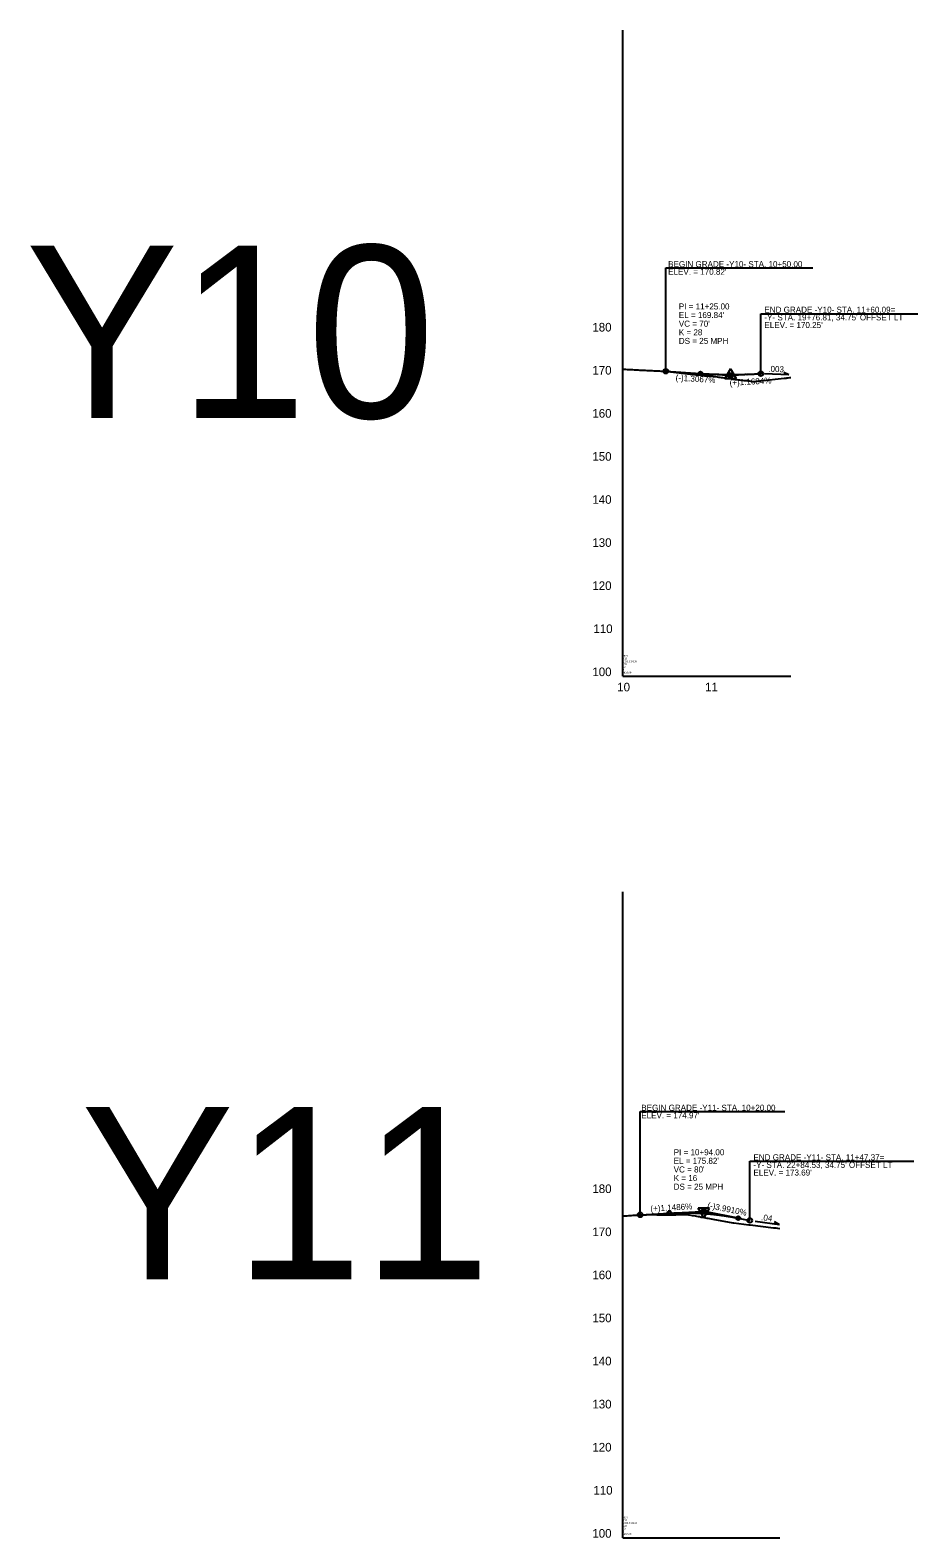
# Model space of a CAD drawing. Extents: x 1778432 to 1784301, y 601022 to 621789.
# Drawn here: x 1779455 to 1780485, y 607039 to 608789 of the extents above; entities that cross this region are included whole.
import ezdxf

# ---------------------------------------------------------------- set-up
doc = ezdxf.new("R2010")
doc.units = 0
for name, color, linetype in [('Exist Profile Cell', 7, 'Continuous'), ('Exist Vertical Profile Ground Line', 7, 'Continuous'), ('Exist Vertical Profile Horizontal Axis Label Major', 7, 'Continuous'), ('Exist Vertical Profile Vertical Axis Label', 7, 'Continuous'), ('Prop PFL Text', 7, 'Continuous'), ('Prop PFL VPI Symbol CELL', 7, 'Continuous'), ('Prop Vertical Profile Curve Label', 7, 'Continuous'), ('Prop Vertical Profile Grade', 7, 'Continuous'), ('Prop Vertical Profile Grade Label', 7, 'Continuous'), ('Prop VPI Label', 7, 'Continuous')]:
    doc.layers.add(name, color=color, linetype=linetype)

msp = doc.modelspace()

# ---------------------------------------------------------------- linework, layer by layer
at = {"layer": 'Exist Profile Cell'}
for p, q in [((1780143, 608039.2), (1780143, 608789.2)), ((1780143, 608039.2), (1780337.8, 608039.2)), ((1780143, 608039.2), (1780143, 608039.2)), ((1780143, 607039.2), (1780143, 607789.2)), ((1780143, 607039.2), (1780325.2, 607039.2)), ((1780143, 607039.2), (1780143, 607039.2))]:
    msp.add_line(p, q, dxfattribs=at)
at = {"layer": 'Exist Vertical Profile Ground Line'}
for points in [[(1780143, 608395.7), (1780144.6, 608395.6), (1780146.2, 608395.6), (1780147.9, 608395.5), (1780149.4, 608395.5), (1780151.1, 608395.4), (1780152.8, 608395.3), (1780154.4, 608395.2), (1780156, 608395.1), (1780157.6, 608395), (1780159.3, 608394.9), (1780160.9, 608394.8), (1780162.5, 608394.7), (1780164.2, 608394.6), (1780165.8, 608394.6), (1780167.4, 608394.5), (1780169.1, 608394.4), (1780170.7, 608394.3), (1780172.3, 608394.2), (1780174, 608394.1), (1780175.6, 608394.1), (1780177.2, 608394), (1780178.9, 608393.9), (1780180.5, 608393.8), (1780182.1, 608393.8), (1780183.8, 608393.7), (1780185.4, 608393.6), (1780187, 608393.5), (1780188.6, 608393.5), (1780190.3, 608393.4), (1780191.9, 608393.3), (1780192.4, 608393.3), (1780193.5, 608393.2), (1780194.2, 608393.2), (1780195.2, 608393), (1780196.8, 608392.9), (1780198.4, 608392.7), (1780200.1, 608392.5), (1780201.7, 608392.3), (1780203.3, 608392.1), (1780205, 608391.9), (1780206.6, 608391.7), (1780208.2, 608391.5), (1780209.9, 608391.3), (1780211.5, 608391.1), (1780213.1, 608391), (1780214.8, 608390.8), (1780216.6, 608390.6), (1780218, 608390.4), (1780219.7, 608390.2), (1780221.3, 608390), (1780222.9, 608389.9), (1780224.5, 608389.7), (1780226.2, 608389.5), (1780227.8, 608389.3), (1780229.4, 608389.2), (1780231.1, 608389), (1780232.7, 608388.8), (1780234.3, 608388.7), (1780236, 608388.5), (1780237.6, 608388.3), (1780239.2, 608388.2), (1780240.9, 608388), (1780242.5, 608387.9), (1780244.1, 608387.7), (1780245.8, 608387.5), (1780247.4, 608387.4), (1780248.5, 608387.3), (1780249.3, 608387.2), (1780250.7, 608387), (1780252.3, 608386.8), (1780253.9, 608386.6), (1780255.6, 608386.3), (1780257.2, 608386.1), (1780258.8, 608385.9), (1780260.4, 608385.7), (1780262.1, 608385.5), (1780263.8, 608385.2), (1780265.6, 608384.8), (1780267, 608384.7), (1780268.6, 608384.5), (1780270.2, 608384.2), (1780271.9, 608384), (1780273.5, 608383.8), (1780275.1, 608383.6), (1780276.8, 608383.4), (1780278.4, 608383.3), (1780280, 608383.1), (1780281.7, 608382.9), (1780283.3, 608382.7), (1780284.9, 608382.5), (1780286.6, 608382.4), (1780288.2, 608382.2), (1780289.6, 608382), (1780291.4, 608381.8), (1780293.1, 608381.5), (1780294.7, 608381.4), (1780296.3, 608381.5), (1780301.6, 608382.1), (1780302.7, 608382.2), (1780330.4, 608385.1), (1780331.8, 608385.2), (1780332.2, 608385.3), (1780333.1, 608385.4), (1780333.5, 608385.5), (1780334.8, 608385.6), (1780336.9, 608385.9), (1780337.3, 608385.9), (1780337.8, 608385.9)], [(1780143, 607412.8), (1780144.7, 607412.9), (1780146.4, 607413), (1780148.1, 607413.1), (1780149.8, 607413.3), (1780151.5, 607413.4), (1780153.2, 607413.5), (1780155, 607413.6), (1780155.6, 607413.6), (1780156.7, 607413.7), (1780158.4, 607413.8), (1780160.1, 607413.9), (1780161.8, 607414), (1780163.5, 607414.1), (1780165.2, 607414.2), (1780166.9, 607414.3), (1780167.6, 607414.3), (1780168.7, 607414.3), (1780170.4, 607414.3), (1780172.1, 607414.4), (1780173.8, 607414.4), (1780175.4, 607414.4), (1780177.2, 607414.4), (1780178.9, 607414.4), (1780180.7, 607414.4), (1780182.4, 607414.3), (1780184.1, 607414.3), (1780185.8, 607414.3), (1780187.5, 607414.3), (1780188.6, 607414.3), (1780189.2, 607414.3), (1780190.9, 607414.3), (1780192.7, 607414.3), (1780194.4, 607414.3), (1780196.1, 607414.3), (1780197.8, 607414.3), (1780199.5, 607414.3), (1780201.2, 607414.3), (1780202.9, 607414.3), (1780204.6, 607414.3), (1780206.4, 607414.4), (1780208.1, 607414.4), (1780209.8, 607414.4), (1780211.5, 607414.4), (1780213.2, 607414.4), (1780214.9, 607414.4), (1780216.6, 607414.4), (1780217.8, 607414.5), (1780218.6, 607414.4), (1780219.7, 607414.3), (1780220.1, 607414.2), (1780221.8, 607413.9), (1780223.5, 607413.5), (1780225.2, 607413.2), (1780226.9, 607412.9), (1780228.6, 607412.6), (1780230.3, 607412.3), (1780232.1, 607412), (1780233.8, 607411.6), (1780235.5, 607411.3), (1780237.2, 607411), (1780238.9, 607410.7), (1780240.6, 607410.4), (1780241.4, 607410.3), (1780241.7, 607410.2), (1780247.6, 607409.2), (1780270.5, 607405), (1780271.2, 607404.8), (1780271.7, 607404.7), (1780289.4, 607402.4), (1780289.8, 607402.5), (1780290.6, 607402.5), (1780317.9, 607399.2), (1780319.6, 607399), (1780320.2, 607399), (1780320.6, 607398.9), (1780322.6, 607398.7), (1780325.2, 607398.4)]]:
    msp.add_lwpolyline(points, dxfattribs=at)
at = {"layer": 'Prop PFL VPI Symbol CELL'}
for p, q in [((1780268, 608395.9), (1780261.5, 608384.7)), ((1780268, 608395.9), (1780274.5, 608384.7)), ((1780261.5, 608384.7), (1780274.5, 608384.7)), ((1780237, 607410.8), (1780230.5, 607422)), ((1780243.4, 607422), (1780230.5, 607422)), ((1780237, 607410.8), (1780243.4, 607422))]:
    msp.add_line(p, q, dxfattribs=at)
for centre, radius in [((1780268, 608388.4), 1.75), ((1780268, 608388.4), 1.2), ((1780237, 607418.3), 1.75), ((1780237, 607418.3), 1.2)]:
    msp.add_circle(centre, radius, dxfattribs=at)
at = {"layer": 'Prop Vertical Profile Curve Label'}
for centre in [(1780233, 608390.7), (1780303, 608390.4), (1780197, 607416), (1780277, 607410.3)]:
    msp.add_circle(centre, 2.25, dxfattribs=at)
at = {"layer": 'Prop Vertical Profile Grade'}
for p, q in [((1780193, 608393.3), (1780233, 608390.7)), ((1780303, 608390.4), (1780303, 608390.4)), ((1780163, 607414.1), (1780197, 607416)), ((1780277, 607410.3), (1780290.3, 607407.6))]:
    msp.add_line(p, q, dxfattribs=at)
for points in [[(1780233, 608390.7), (1780234.4, 608390.6), (1780235.8, 608390.5), (1780237.2, 608390.4), (1780238.6, 608390.3), (1780240, 608390.2), (1780241.4, 608390.2), (1780242.8, 608390.1), (1780244.2, 608390), (1780245.6, 608390), (1780247, 608389.9), (1780248.4, 608389.9), (1780249.8, 608389.8), (1780251.2, 608389.8), (1780252.6, 608389.7), (1780254, 608389.7), (1780255.4, 608389.6), (1780256.8, 608389.6), (1780258.2, 608389.6), (1780259.6, 608389.5), (1780261, 608389.5), (1780262.4, 608389.5), (1780263.8, 608389.5), (1780265.2, 608389.5), (1780266.6, 608389.5), (1780268, 608389.5), (1780269.4, 608389.5), (1780270.8, 608389.5), (1780272.2, 608389.5), (1780273.6, 608389.5), (1780275, 608389.5), (1780276.4, 608389.5), (1780277.8, 608389.5), (1780279.2, 608389.5), (1780280.6, 608389.6), (1780282, 608389.6), (1780283.4, 608389.6), (1780284.8, 608389.7), (1780286.2, 608389.7), (1780287.6, 608389.7), (1780289, 608389.8), (1780290.4, 608389.8), (1780291.8, 608389.9), (1780293.2, 608389.9), (1780294.6, 608390), (1780296, 608390.1), (1780297.4, 608390.1), (1780298.8, 608390.2), (1780300.2, 608390.3), (1780301.6, 608390.4), (1780303, 608390.4)], [(1780197, 607416), (1780198.6, 607416.1), (1780200.2, 607416.2), (1780201.8, 607416.2), (1780203.4, 607416.3), (1780205, 607416.3), (1780206.6, 607416.4), (1780208.2, 607416.4), (1780209.8, 607416.5), (1780211.4, 607416.5), (1780213, 607416.5), (1780214.6, 607416.5), (1780216.2, 607416.5), (1780217.8, 607416.5), (1780219.4, 607416.5), (1780221, 607416.4), (1780222.6, 607416.4), (1780224.2, 607416.4), (1780225.8, 607416.3), (1780227.4, 607416.2), (1780229, 607416.2), (1780230.6, 607416.1), (1780232.2, 607416), (1780233.8, 607415.9), (1780235.4, 607415.8), (1780237, 607415.7), (1780238.6, 607415.6), (1780240.2, 607415.5), (1780241.8, 607415.3), (1780243.4, 607415.2), (1780245, 607415), (1780246.6, 607414.9), (1780248.2, 607414.7), (1780249.8, 607414.5), (1780251.4, 607414.4), (1780253, 607414.2), (1780254.6, 607414), (1780256.2, 607413.8), (1780257.8, 607413.5), (1780259.4, 607413.3), (1780261, 607413.1), (1780262.6, 607412.8), (1780264.2, 607412.6), (1780265.8, 607412.3), (1780267.4, 607412.1), (1780269, 607411.8), (1780270.6, 607411.5), (1780272.2, 607411.2), (1780273.8, 607410.9), (1780275.4, 607410.6), (1780277, 607410.3)]]:
    msp.add_spline(points, degree=3, dxfattribs=at)
at = {"layer": 'Prop VPI Label'}
for p, q in [((1780193, 608393.3), (1780193, 608513.3)), ((1780193, 608513.3), (1780363.7, 608513.3)), ((1780303, 608390.4), (1780303, 608460.1)), ((1780303, 608460.1), (1780485.4, 608460.1)), ((1780233, 608390.7), (1780265.2, 608388.6)), ((1780303, 608390.4), (1780270.7, 608388.5)), ((1780335.7, 608389.3), (1780307.5, 608390.4)), ((1780335.7, 608389.3), (1780329.7, 608391.9)), ((1780163, 607414.1), (1780163, 607534.1)), ((1780163, 607534.1), (1780331.2, 607534.1)), ((1780290.3, 607407.6), (1780290.3, 607476.3)), ((1780290.3, 607476.3), (1780480.8, 607476.3)), ((1780197, 607416), (1780234.2, 607418.1)), ((1780277, 607410.3), (1780239.7, 607417.7)), ((1780324.7, 607402.7), (1780296.7, 607406.2)), ((1780324.7, 607402.7), (1780319, 607405.8))]:
    msp.add_line(p, q, dxfattribs=at)
for centre in [(1780193, 608393.3), (1780268, 608388.4), (1780303, 608390.4), (1780163, 607414.1), (1780237, 607418.3), (1780290.3, 607407.6)]:
    msp.add_circle(centre, 2.75, dxfattribs=at)

# ---------------------------------------------------------------- texts
at = {"layer": 'Exist Profile Cell'}
for s, p in [('Y10', (1780143, 608058.7)), ('RDY', (1780143, 608061.9)), ('1000.000000', (1780143, 608055.4)), ('2', (1780143, 608045.7)), ('100', (1780143, 608052.2)), ('10', (1780143, 608048.9)), ('NOGAP', (1780143, 608042.4)), ('Y11', (1780143, 607058.7)), ('RDY', (1780143, 607061.9)), ('2', (1780143, 607045.7)), ('1000.000000', (1780143, 607055.4)), ('100', (1780143, 607052.2)), ('10', (1780143, 607048.9)), ('NOGAP', (1780143, 607042.4))]:
    msp.add_text(s, height=2, dxfattribs=at).set_placement(p)
at = {"layer": 'Exist Vertical Profile Horizontal Axis Label Major'}
for s, p in [('10', (1780136.5, 608021.7)), ('11', (1780238.4, 608021.7))]:
    msp.add_text(s, height=10, dxfattribs=at).set_placement(p)
at = {"layer": 'Exist Vertical Profile Vertical Axis Label'}
for s, p in [('180', (1780107.6, 608439.4)), ('170', (1780107.6, 608389.4)), ('160', (1780107.6, 608339.4)), ('150', (1780107.6, 608289.4)), ('140', (1780107.6, 608239.4)), ('130', (1780107.6, 608189.4)), ('120', (1780107.6, 608139.4)), ('110', (1780108.8, 608089.4)), ('100', (1780107.6, 608039.4)), ('180', (1780107.6, 607439.4)), ('170', (1780107.6, 607389.4)), ('160', (1780107.6, 607339.4)), ('150', (1780107.6, 607289.4)), ('140', (1780107.6, 607239.4)), ('130', (1780107.6, 607189.4)), ('120', (1780107.6, 607139.4)), ('110', (1780108.8, 607089.4)), ('100', (1780107.6, 607039.4))]:
    msp.add_text(s, height=10, dxfattribs=at).set_placement(p)
at = {"layer": 'Prop PFL Text'}
for s, p in [('Y10', (1779449.3, 608339.2)), ('Y11', (1779513.8, 607339.2))]:
    msp.add_text(s, height=200, dxfattribs=at).set_placement(p)
at = {"layer": 'Prop Vertical Profile Curve Label'}
for s, p in [("VC = 70'", (1780208, 608445)), ('K = 28', (1780208, 608435)), ('DS = 25 MPH', (1780208, 608425)), ("VC = 80'", (1780202, 607463.3)), ('K = 16', (1780202, 607453.3)), ('DS = 25 MPH', (1780202, 607443.3))]:
    msp.add_text(s, height=7, dxfattribs=at).set_placement(p)
at = {"layer": 'Prop Vertical Profile Grade Label'}
for s, rotation, p in [('(-)1.3067%', 356.2653, (1780204.1, 608382.5)), ('.003', 357.8285, (1780311.7, 608392.7)), ('(+)1.1684%', 3.3762, (1780267.1, 608376.3)), ('(+)1.1486%', 3.2566, (1780175.2, 607417.8)), ('(-)3.9910%', 348.739, (1780240.6, 607422)), ('.04', 352.875, (1780303.2, 607407.9))]:
    msp.add_text(s, height=7, rotation=rotation, dxfattribs=at).set_placement(p)
at = {"layer": 'Prop VPI Label'}
for s, p in [('BEGIN GRADE -Y10- STA. 10+50.00', (1780195.6, 608514.1)), ("ELEV. = 170.82'", (1780195.6, 608505.2)), ('PI = 11+25.00', (1780208, 608465)), ("EL = 169.84'", (1780208, 608455)), ("-Y- STA. 19+76.81, 34.75' OFFSET LT", (1780307.3, 608452.3)), ('END GRADE -Y10- STA. 11+60.09=', (1780307.3, 608461.2)), ("ELEV. = 170.25'", (1780307.3, 608443.4)), ('BEGIN GRADE -Y11- STA. 10+20.00', (1780164.4, 607534.9)), ("ELEV. = 174.97'", (1780164.4, 607526.1)), ('PI = 10+94.00', (1780202, 607483.3)), ("EL = 175.82'", (1780202, 607473.3)), ('END GRADE -Y11- STA. 11+47.37=', (1780294.6, 607477.4)), ("-Y- STA. 22+84.53, 34.75' OFFSET LT", (1780294.6, 607468.6)), ("ELEV. = 173.69'", (1780294.6, 607459.7))]:
    msp.add_text(s, height=7, dxfattribs=at).set_placement(p)

doc.saveas('drawing.dxf')

------------------------------------------------

* What to work on:
Locate "for s, p in [('BEGIN" in the data above. Then repeat, exactly, its line and each line after it through the last, adding nothing.

* Reply:
for s, p in [('BEGIN GRADE -Y10- STA. 10+50.00', (1780195.6, 608514.1)), ("ELEV. = 170.82'", (1780195.6, 608505.2)), ('PI = 11+25.00', (1780208, 608465)), ("EL = 169.84'", (1780208, 608455)), ("-Y- STA. 19+76.81, 34.75' OFFSET LT", (1780307.3, 608452.3)), ('END GRADE -Y10- STA. 11+60.09=', (1780307.3, 608461.2)), ("ELEV. = 170.25'", (1780307.3, 608443.4)), ('BEGIN GRADE -Y11- STA. 10+20.00', (1780164.4, 607534.9)), ("ELEV. = 174.97'", (1780164.4, 607526.1)), ('PI = 10+94.00', (1780202, 607483.3)), ("EL = 175.82'", (1780202, 607473.3)), ('END GRADE -Y11- STA. 11+47.37=', (1780294.6, 607477.4)), ("-Y- STA. 22+84.53, 34.75' OFFSET LT", (1780294.6, 607468.6)), ("ELEV. = 173.69'", (1780294.6, 607459.7))]:
    msp.add_text(s, height=7, dxfattribs=at).set_placement(p)

doc.saveas('drawing.dxf')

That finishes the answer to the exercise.